Appeals authority chairperson Advocate Zilpha Raphesu told the portfolio committee on Tuesday that funding constraints have severely hampered the project. The UNHCR only funded ten people to adjudicate appeal applications out of the 36 who were supposed to be part of the project. The authority began recruiting part-time advocates in 2025 to help with adjudication.

Raphesu said asylum seekers often abuse judicial review processes to avoid deportation. “So far in the Backlog Project, in the work we’ve done, we’ve received 2,733 judicial reviews,” she said, adding that the majority involved applicants from Ethiopia at 1,509 cases, the Democratic Republic of Congo at 411 and Bangladesh at 211.
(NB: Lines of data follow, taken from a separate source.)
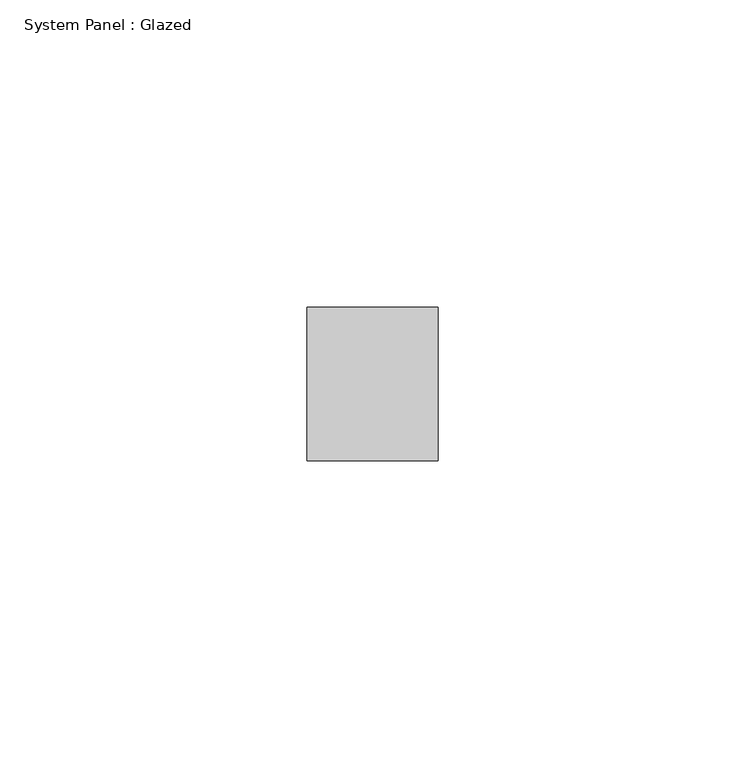
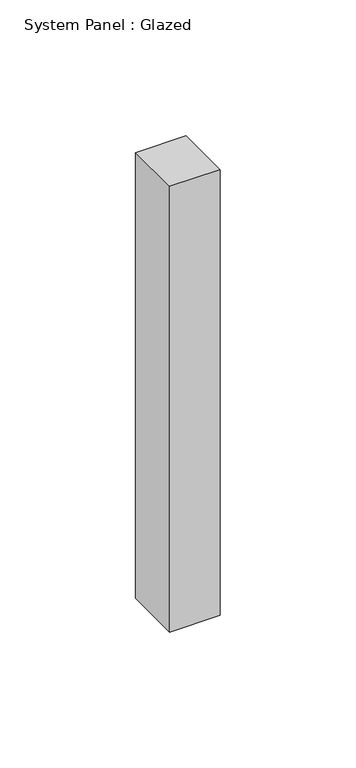
"""IFC4 building model written with IfcOpenShell, lengths in millimetres: plate geometry, System Panel : Glazed."""

import ifcopenshell
import ifcopenshell.guid

model = None  # the IFC model being written
_history = None  # IfcOwnerHistory: only IFC2X3 demands one
_inside = {}  # id of a spatial element -> (the spatial element, [elements in it])
_under = {}  # id of a project, library or spatial element -> (it, [spatial elements below it])
_declared = {}  # id of a project -> (the project, [libraries it declares])
_typed = {}  # id of a type object -> (the type object, [elements of that type])
_made_of = {}  # id of a material, layer set ... -> (it, [elements and type objects made of it])


def new_model(schema):
    """Start an empty IFC model of exactly this schema.

    Asked for "IFC4X3", IfcOpenShell would pick the latest addendum, in which some entities
    have other attributes; the version numbers below select the first issue.
    IFC2X3 requires an IfcOwnerHistory on every rooted entity: one is made here for all.
    """
    global model, _history
    if schema == "IFC4X3":
        model = ifcopenshell.file(schema_version=(4, 3, 0, 0))
    else:
        model = ifcopenshell.file(schema=schema)
    _inside.clear()
    _under.clear()
    _declared.clear()
    _typed.clear()
    _made_of.clear()
    _history = None
    if model.schema == "IFC2X3":
        org = make("IfcOrganization", Name="unknown")
        user = make(
            "IfcPersonAndOrganization",
            ThePerson=make("IfcPerson", FamilyName="unknown"),
            TheOrganization=org,
        )
        app = make(
            "IfcApplication",
            ApplicationDeveloper=org,
            Version="unknown",
            ApplicationFullName="unknown",
            ApplicationIdentifier="unknown",
        )
        _history = make(
            "IfcOwnerHistory",
            OwningUser=user,
            OwningApplication=app,
            ChangeAction="ADDED",
            CreationDate=0,
        )
    return model


def make(cls, **values):
    """One entity of the class cls with the attributes given. An attribute that is None is left unset."""
    return model.create_entity(
        cls, **{name: value for name, value in values.items() if value is not None}
    )


def rooted(cls, **values):
    """An entity with a GlobalId (a new one), such as an element, a storey or a relation."""
    return make(cls, GlobalId=ifcopenshell.guid.new(), OwnerHistory=_history, **values)


def si_unit(unit_type, name, prefix=None):
    """IfcSIUnit, for example si_unit("LENGTHUNIT", "METRE", prefix="MILLI")."""
    return make("IfcSIUnit", UnitType=unit_type, Prefix=prefix, Name=name)


def assignment(units):
    """IfcUnitAssignment: the units of a project."""
    return None if units is None else make("IfcUnitAssignment", Units=units)


def point(xyz):
    """IfcCartesianPoint."""
    return None if xyz is None else make("IfcCartesianPoint", Coordinates=xyz)


def direction(xyz):
    """IfcDirection."""
    return None if xyz is None else make("IfcDirection", DirectionRatios=xyz)


def frame(location, z_axis=None, x_axis=None):
    """IfcAxis2Placement3D, a coordinate frame: its origin and axes. An axis left out is left unset."""
    return make(
        "IfcAxis2Placement3D",
        Location=point(location),
        Axis=direction(z_axis),
        RefDirection=direction(x_axis),
    )


def origin():
    """The frame at (0, 0, 0) with its axes left unset."""
    return frame((0.0, 0.0, 0.0))


def origin_with_axes():
    """The frame at (0, 0, 0) with the z axis (0, 0, 1) and the x axis (1, 0, 0) written out."""
    return frame((0.0, 0.0, 0.0), z_axis=(0.0, 0.0, 1.0), x_axis=(1.0, 0.0, 0.0))


def place(relative_to, where):
    """IfcLocalPlacement: puts the frame where relative to a parent placement (None: the world)."""
    return make(
        "IfcLocalPlacement", PlacementRelTo=relative_to, RelativePlacement=where
    )


def context(
    kind, dimensions, precision=None, world=None, true_north=None, identifier=None
):
    """IfcGeometricRepresentationContext, for example the 3D "Model" context."""
    return make(
        "IfcGeometricRepresentationContext",
        ContextIdentifier=identifier,
        ContextType=kind,
        CoordinateSpaceDimension=dimensions,
        Precision=precision,
        WorldCoordinateSystem=world,
        TrueNorth=true_north,
    )


def project(units=None, contexts=None):
    """IfcProject with its units and contexts."""
    return rooted(
        "IfcProject",
        Name="project",
        RepresentationContexts=contexts,
        UnitsInContext=assignment(units),
    )


def spatial(cls, under=None, at=None, **own):
    """A site, building, storey or space (cls), placed at a placement, below another one or the project."""
    s = rooted(cls, ObjectPlacement=at, **own)
    if under is not None:
        _under.setdefault(under.id(), (under, []))[1].append(s)
    return s


def polyline(points):
    """IfcPolyline through the points."""
    return make("IfcPolyline", Points=[point(p) for p in points])


def outline(outer, holes=None, kind="AREA"):
    """IfcArbitraryClosedProfileDef: a profile drawn as a closed curve; with holes, ...WithVoids."""
    if holes is None:
        return make("IfcArbitraryClosedProfileDef", ProfileType=kind, OuterCurve=outer)
    return make(
        "IfcArbitraryProfileDefWithVoids",
        ProfileType=kind,
        OuterCurve=outer,
        InnerCurves=holes,
    )


def extrude(swept, where, along, depth):
    """IfcExtrudedAreaSolid: the profile swept, set in the frame where, extruded along a direction by depth."""
    return make(
        "IfcExtrudedAreaSolid",
        SweptArea=swept,
        Position=where,
        ExtrudedDirection=direction(along),
        Depth=depth,
    )


def shape(context_of_items, identifier, shape_type, items):
    """IfcShapeRepresentation: the items that make up one representation, for example the "Body"."""
    return make(
        "IfcShapeRepresentation",
        ContextOfItems=context_of_items,
        RepresentationIdentifier=identifier,
        RepresentationType=shape_type,
        Items=items,
    )


def source(mapping_origin, context_of_items, identifier, shape_type, items):
    """IfcRepresentationMap: a shape defined once, which mapped items show again and again."""
    return make(
        "IfcRepresentationMap",
        MappingOrigin=mapping_origin,
        MappedRepresentation=shape(context_of_items, identifier, shape_type, items),
    )


def transform(
    local_origin,
    x_axis=None,
    y_axis=None,
    z_axis=None,
    scale=None,
    scale2=None,
    scale3=None,
    uniform=True,
):
    """IfcCartesianTransformationOperator3D, or its non-uniform kind. x_axis, y_axis, z_axis: its Axis1, 2, 3."""
    if uniform:
        return make(
            "IfcCartesianTransformationOperator3D",
            Axis1=direction(x_axis),
            Axis2=direction(y_axis),
            LocalOrigin=point(local_origin),
            Scale=scale,
            Axis3=direction(z_axis),
        )
    return make(
        "IfcCartesianTransformationOperator3DnonUniform",
        Axis1=direction(x_axis),
        Axis2=direction(y_axis),
        LocalOrigin=point(local_origin),
        Scale=scale,
        Axis3=direction(z_axis),
        Scale2=scale2,
        Scale3=scale3,
    )


def mapped(mapping_source, mapping_target):
    """IfcMappedItem: shows the shape of a source again, moved by a transform."""
    return make(
        "IfcMappedItem", MappingSource=mapping_source, MappingTarget=mapping_target
    )


def made_of(thing, what):
    """Note that an element or type object is made of a material, layer set ...; save() writes the relation."""
    if what is not None:
        _made_of.setdefault(what.id(), (what, []))[1].append(thing)
    return thing


def element(
    cls,
    number,
    at=None,
    inside=None,
    cuts=None,
    type_object=None,
    material=None,
    context=None,
    identifier="Body",
    shape_type=None,
    held_by="IfcProductDefinitionShape",
    body=None,
    shapes=None,
    **own,
):
    """One element of the class cls, such as IfcWall. Its Tag is "e" and its number.

    at: its placement. inside: the storey or other place that contains it. cuts: it is an
    opening in that element (IfcRelVoidsElement). A single representation is given by context,
    identifier, shape_type and body (its items); several are given by shapes. held_by: the class
    of the entity that holds the representations. save() writes the other relations.
    """
    e = rooted(cls, Tag="e%d" % number, ObjectPlacement=at, **own)
    if body is not None:
        shapes = [shape(context, identifier, shape_type, body)]
    if shapes is not None:
        e.Representation = make(held_by, Representations=shapes)
    if inside is not None:
        _inside.setdefault(inside.id(), (inside, []))[1].append(e)
    if cuts is not None:
        rooted(
            "IfcRelVoidsElement", RelatingBuildingElement=cuts, RelatedOpeningElement=e
        )
    if type_object is not None:
        _typed.setdefault(type_object.id(), (type_object, []))[1].append(e)
    return made_of(e, material)


def aggregate(whole, parts):
    """IfcRelAggregates: a whole, such as a stair, and the parts it consists of."""
    return rooted("IfcRelAggregates", RelatingObject=whole, RelatedObjects=parts)


def save(model, path):
    """Write the relations noted so far, then the file.

    IfcRelAggregates (storeys below a building ...), IfcRelContainedInSpatialStructure (elements
    in a storey), IfcRelDefinesByType, IfcRelAssociatesMaterial and IfcRelDeclares: one each for
    every whole, place, type object, material and project.
    """
    for whole, parts in _under.values():
        aggregate(whole, parts)
    for where, things in _inside.values():
        rooted(
            "IfcRelContainedInSpatialStructure",
            RelatedElements=things,
            RelatingStructure=where,
        )
    for kind, things in _typed.values():
        rooted("IfcRelDefinesByType", RelatedObjects=things, RelatingType=kind)
    for what, things in _made_of.values():
        rooted("IfcRelAssociatesMaterial", RelatedObjects=things, RelatingMaterial=what)
    for by, libraries in _declared.values():
        rooted("IfcRelDeclares", RelatingContext=by, RelatedDefinitions=libraries)
    model.write(path)


def system_panel_glazed_87147500(model_context):
    return source(origin(), model_context, "Body", "SweptSolid", [
        extrude(outline(polyline([(10.6704335, 24.5), (-10.6704335, 24.5), (-10.6704335, 49.5), (10.6704335, 49.5), (10.6704335, 24.5)])), origin_with_axes(), (0.0, 0.0, 1.0), 200.0),
    ])


if __name__ == "__main__":
    model = new_model("IFC4")
    model_context = context("Model", 3, world=origin())
    ifc_project = project(units=[si_unit("LENGTHUNIT", "METRE", prefix="MILLI")], contexts=[model_context])
    site = spatial("IfcSite", under=ifc_project)
    building = spatial("IfcBuilding", under=site)
    placement = place(None, origin())
    system_panel_glazed_shape = system_panel_glazed_87147500(model_context)
    element("IfcPlate", 1, ObjectType="System Panel : Glazed", at=placement, inside=building, context=model_context, shape_type="MappedRepresentation", body=[
        mapped(system_panel_glazed_shape, transform((0.0, 0.0, 0.0), x_axis=(1.0, 0.0, 0.0), y_axis=(0.0, 1.0, 0.0), z_axis=(0.0, 0.0, 1.0))),
    ])
    save(model, "model.ifc")

# Revit data of these elements
# Element 1 (IfcPlate, "System Panel : Glazed")
#   Materials on its faces: "Glass"
# Materials
#   "Glass": class "Glass", colour RGB 218 227 224, transparency 0.85, Description = "Soda Lime Glass", Cost = 0

She said many of the reviews are lodged at the last minute when applicants are facing deportation from the Lindela holding facility. “These are disgruntled appellants who feel that maybe the High Court will come to a different conclusion from us,” she said.

Responding to criticism from Members of Parliament, Raphesu said the authority is intensifying efforts to reduce the backlog through digitisation and new adjudication strategies. “The South African asylum process is marred by opportunistic claims that are clogging the process of adjudication,” she said.

She also revealed that the appeals authority had requested Gauteng Judge President Dunstan Mlambo to allocate dedicated courts for judicial reviews, but that nothing has come of that request.

Home Affairs acting deputy director Mandla Madumisa added that digitisation had already helped the department identify more than 20,000 duplicate cases where asylum seekers also appeared on other immigration permit systems.